Treasury yields were mostly lower early Friday as investors awaited data on U.S. consumer sentiment, though long-dated maturities were on track for a weekly rise after data this week showed some easing of inflation pressures.
What yields are doing
The yield on the 2-year Treasury note
fell to 3.195% from 3.227% at 3 p.m. Eastern on Thursday.
The 10-year Treasury yield
fell to 2.871% compared with 2.886% Thursday afternoon.
The 30-year Treasury bond
yielded 3.144% versus 3.173% late Thursday.
What’s driving the market
Yields at the long end of the curve rose solidly on Thursday after the U.S. producer-price index saw a 0.5% monthly decline in July. In year-over-year terms, the headline PPI was up 9.8% in July, down from 11.3% in the prior month. Core prices were up 5.8% from a year earlier, down from 6.4% in June.
A day earlier, the annual headline inflation rate for the U.S. consumer-price index for July slowed to 8.5%, down from 9.1% in June and below the 8.7% predicted by economists.
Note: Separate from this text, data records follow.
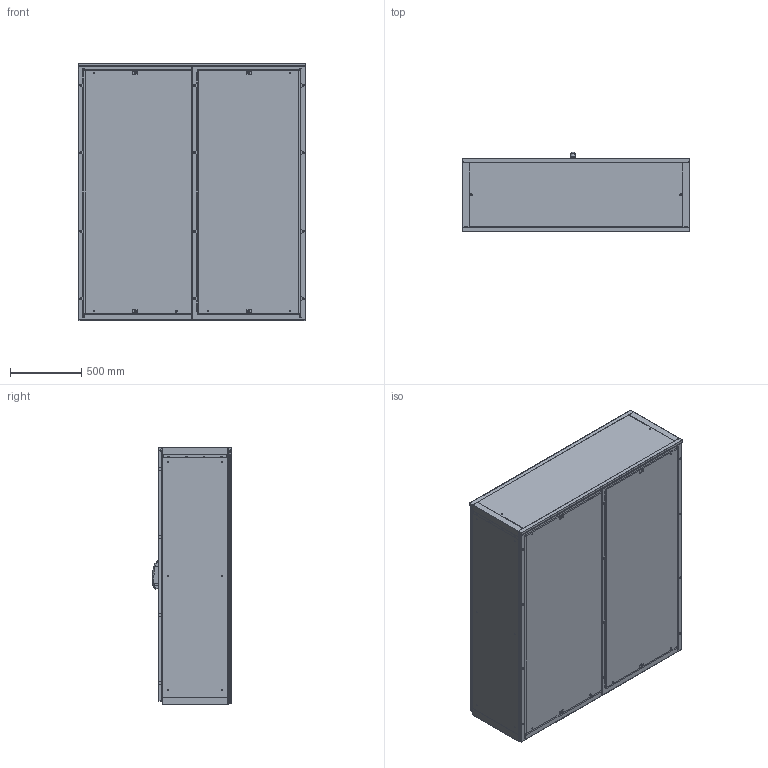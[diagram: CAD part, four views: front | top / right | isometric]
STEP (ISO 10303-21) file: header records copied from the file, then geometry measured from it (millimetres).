
FILE_DESCRIPTION (( 'STEP AP203' ), '1' );
FILE_NAME ('EMOX-161805PRX.STEP', '2021-03-16T09:32:52', ( '' ), ( '' ), 'SwSTEP 2.0', 'SolidWorks 2019', '' );
FILE_SCHEMA (( 'CONFIG_CONTROL_DESIGN' ));
Length unit declared in the file: millimetre
Products named in the file (14): AR_EMOX_inox_montaggio_porta_IB_2.0_1600x1800_ANT_DX; AR_EMOX_montaggio_piastra_frontale_composta_1600x1800; AR_EMOX_inox_Retro_CB_1600x1800; AR_EMOX_inox_struttura_1600x1800x0500; AR_EMOX_inox_Tegolino_1600x0100; AR_EMOX_Piastra_frontale_composta_2_1600x1800; AR_EMOX_inox_Porta_IB_2.0_1600x1800_ANT; AR_EMOX_omega_Piastra_composta_H=1800; AR_EMOX_inox_Porta_CB_2.0_1600x1800_ANT_DX; AR_EMOX_Piastra_frontale_composta_1600x1800; AR_EMOX_inox_Tegolino_1600x0050; AR_ENUX_nuova_maniglia_mesan; EMOX-161805PRX; AR_EMOX_inox_Retro_IB_1600x1800
Assembly tree (20 placements, depth 3):
  EMOX-161805PRX
    AR_EMOX_inox_struttura_1600x1800x0500
    AR_EMOX_montaggio_piastra_frontale_composta_1600x1800
      AR_EMOX_Piastra_frontale_composta_1600x1800
      AR_EMOX_Piastra_frontale_composta_2_1600x1800
      AR_EMOX_omega_Piastra_composta_H=1800  x2
    AR_EMOX_inox_montaggio_porta_IB_2.0_1600x1800_ANT_DX
      AR_EMOX_inox_Porta_IB_2.0_1600x1800_ANT
      AR_ENUX_nuova_maniglia_mesan
    AR_EMOX_inox_Porta_CB_2.0_1600x1800_ANT_DX
    AR_EMOX_inox_Tegolino_1600x0050  x4
    AR_EMOX_inox_Tegolino_1600x0100  x4
    AR_EMOX_inox_Retro_CB_1600x1800
    AR_EMOX_inox_Retro_IB_1600x1800
Bounding box: 1600 x 556.5 x 1809 mm (x, y, z)
Volume: 27876052.7 mm3; surface area: 31379391.6 mm2
Topology: 18 solids, 18 shells, 4370 faces, 11952 edges, 7617 vertices
Faces by surface type: plane 2277, cylinder 1839, cone 102, torus 79, sphere 44, bspline 29
Entity records: 134480 total; most frequent: CARTESIAN_POINT 26002, DIRECTION 22498, ORIENTED_EDGE 21880, EDGE_CURVE 10940, AXIS2_PLACEMENT_3D 7753, VERTEX_POINT 7097, LINE 6992, VECTOR 6992
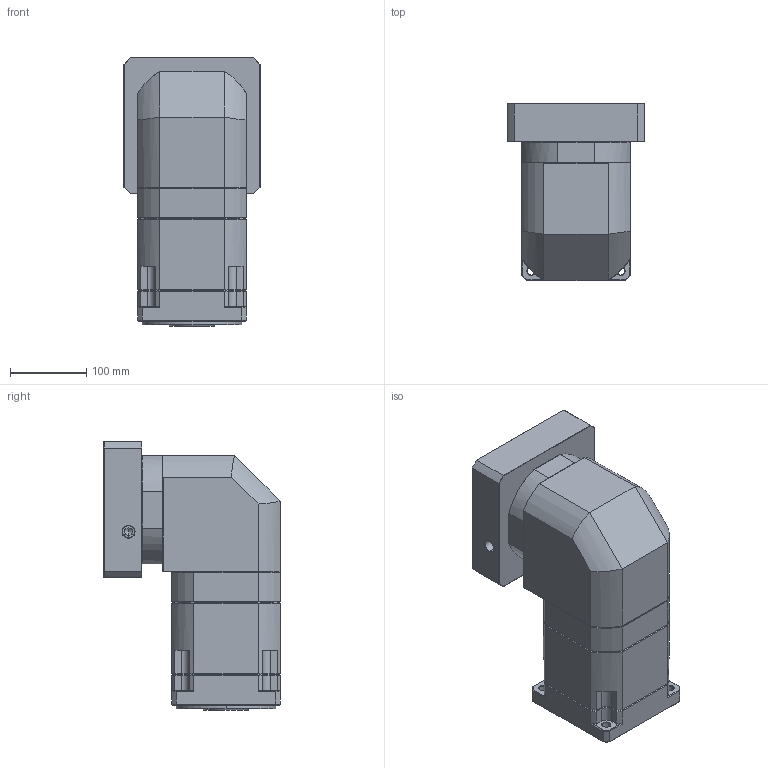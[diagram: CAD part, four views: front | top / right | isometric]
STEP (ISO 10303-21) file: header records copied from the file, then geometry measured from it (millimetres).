
FILE_DESCRIPTION (( 'STEP AP214' ), '1' );
FILE_NAME ('ZBR142A-K35-L3-P2-35-150-200-M12.step', '2023-09-02T07:18:15', ( '' ), ( '' ), 'SwSTEP 2.0', 'SolidWorks 2016', '' );
FILE_SCHEMA (( 'AUTOMOTIVE_DESIGN' ));
Length unit declared in the file: millimetre
Products named in the file (1): ZBR142A-K35-L3-P2-35-150-200-M12
Bounding box: 178 x 231 x 351.7 mm (x, y, z)
Volume: 7252480.9 mm3; surface area: 461870.8 mm2
Topology: 6 solids, 6 shells, 2263 faces, 5959 edges, 3802 vertices
Faces by surface type: plane 1125, bspline 403, cylinder 381, cone 334, torus 20
Entity records: 123030 total; most frequent: CARTESIAN_POINT 45393, ORIENTED_EDGE 11862, DIRECTION 9419, EDGE_CURVE 5931, LINE 3859, VECTOR 3859, VERTEX_POINT 3802, AXIS2_PLACEMENT_3D 2780

A preliminary easing of inflation pressures was boosting hopes that the Federal Reserve would not need to raise interest rates as aggressively as feared, potentially leaving room for policy makers to rein in still red-hot inflation without sending the economy into recession. The inversion of the 2-year/10-year yield spread — seen as a usually reliable recession warning signal if sustained — remained in place but narrowed as long-dated yields rose more sharply than short-dated yields, which are more sensitive to expectations of Federal Reserve rate moves.
A July import-price index is set for release at 8:30 a.m. The University of Michigan’s preliminary August reading of its consumer sentiment index is due at 10 a.m.
What analysts say
“10-year yields managed to back up to 2.90% overnight — a level we’ve been tracking as a potential buying opportunity. For the time being, this appears to be the case; although today’s session will be a litmus test for this level and one that, if held, will take a revisit of 3.0% 10s off the table for the balance of August,” wrote Ian Lyngen and Benjamin Jeffery, rates strategists at BMO Capital Markets, in a note.
“The most relevant report of the session will be with 5-10 year inflation figures contained in the University of Michigan’s survey results. Expectations are for a decline to 2.8% in August from 2.9% in July,” they wrote. “Since it’s data for the current month, any further moderation in consumers’ inflation outlook will be constructive for bonds.”